Copy each line of the entries that includes the word "view".
================
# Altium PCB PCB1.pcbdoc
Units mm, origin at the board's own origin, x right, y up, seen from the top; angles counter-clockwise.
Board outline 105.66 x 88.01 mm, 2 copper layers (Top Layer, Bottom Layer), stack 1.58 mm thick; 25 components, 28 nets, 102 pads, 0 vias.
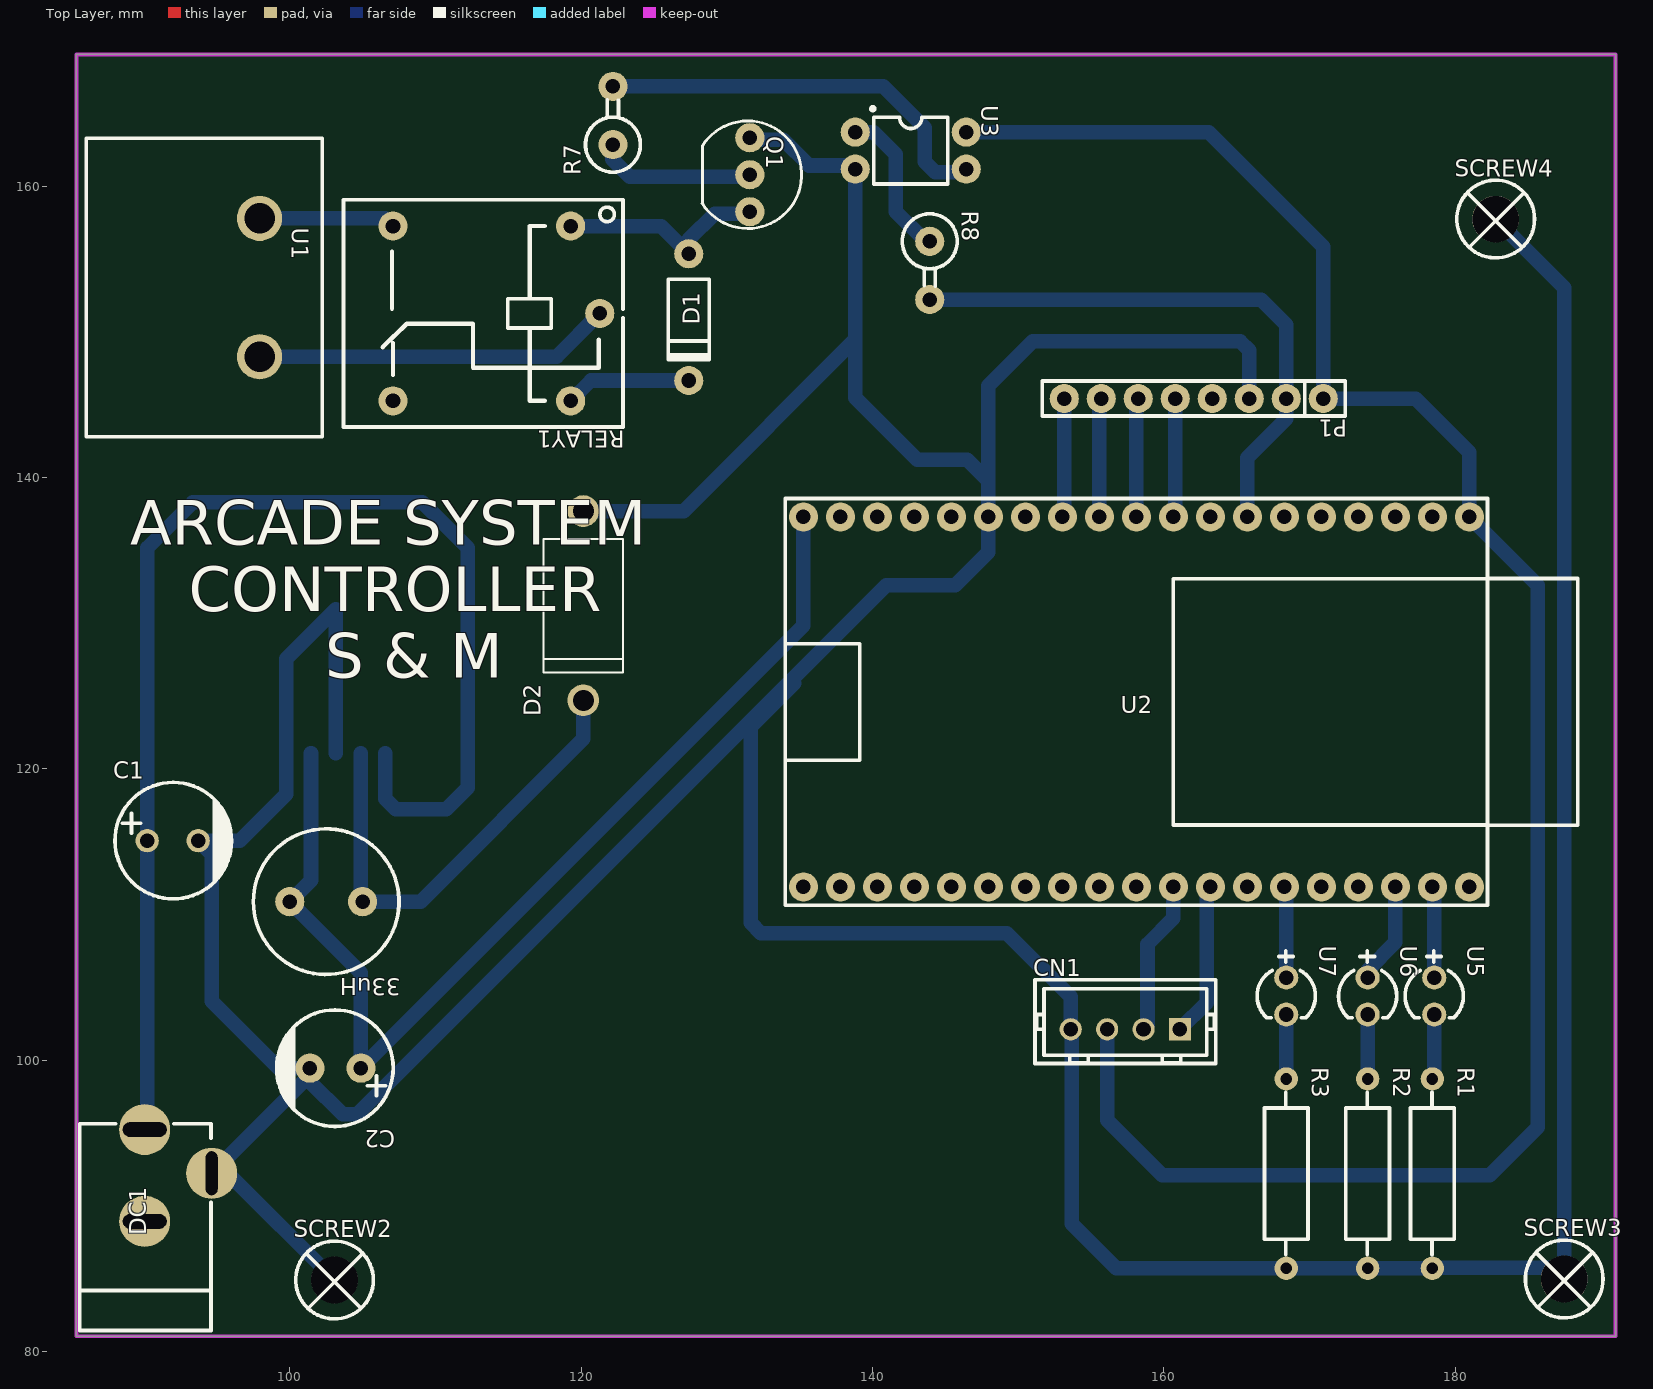
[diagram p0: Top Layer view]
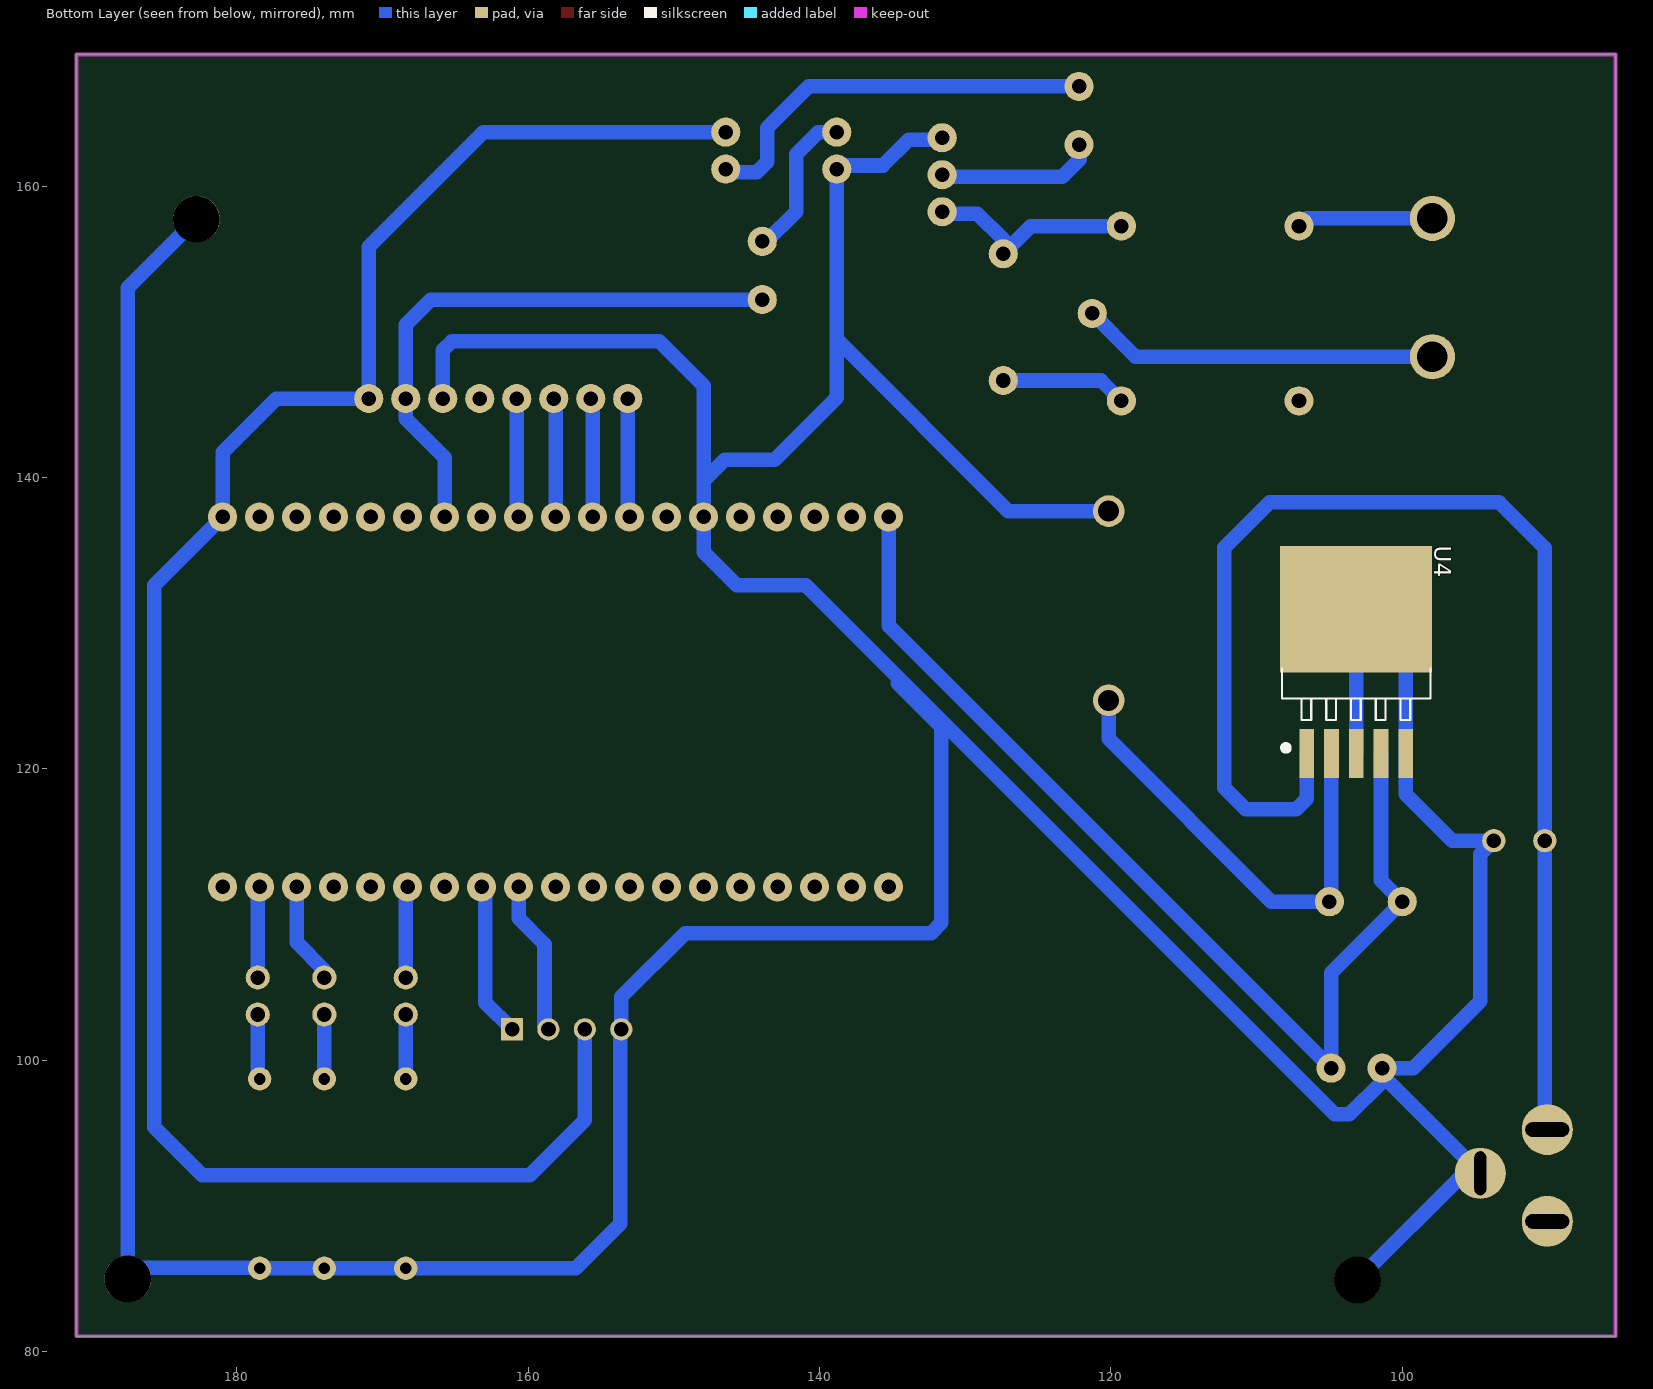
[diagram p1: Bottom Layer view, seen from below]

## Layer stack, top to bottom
Top Solder Mask Layer: solder mask 0.01, Dk 3.3
Top Layer: signal copper 0.035
Dielectric1: surface 1.51, FR4, Dk 4.5
Bottom Layer: signal copper 0.035
Bottom Solder Mask Layer: solder mask 0.01, Dk 3.3

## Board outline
85.344,169.037 85.344,81.026 191.008,81.026 191.008,169.037

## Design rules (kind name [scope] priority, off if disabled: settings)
BoardOutlineClearance copperThickness1oz [All] p0: genericclearance=0.254 ignorepadtopadclearanceinfootprint=FALSE except(0: Arc-SplitContinuation Track-SplitContinuation SMDPad-SplitContinuation THPad-SplitContinuation Via-SplitContinuation Fill-SplitContinuation Poly-SplitContinuation Region-SplitContinuation Text-SplitContinuation)
BoardOutlineClearance copperThickness2oz [All] p0: genericclearance=0.254 ignorepadtopadclearanceinfootprint=FALSE except(0: Arc-SplitContinuation Track-SplitContinuation SMDPad-SplitContinuation THPad-SplitContinuation Via-SplitContinuation Fill-SplitContinuation Poly-SplitContinuation Region-SplitContinuation Text-SplitContinuation)
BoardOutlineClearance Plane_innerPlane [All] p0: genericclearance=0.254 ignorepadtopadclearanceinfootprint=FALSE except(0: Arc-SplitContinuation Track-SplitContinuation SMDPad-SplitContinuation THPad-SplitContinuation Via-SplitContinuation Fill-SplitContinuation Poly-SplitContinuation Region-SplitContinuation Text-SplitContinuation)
================
• [Reply]:
[diagram p0: Top Layer view]
[diagram p1: Bottom Layer view, seen from below]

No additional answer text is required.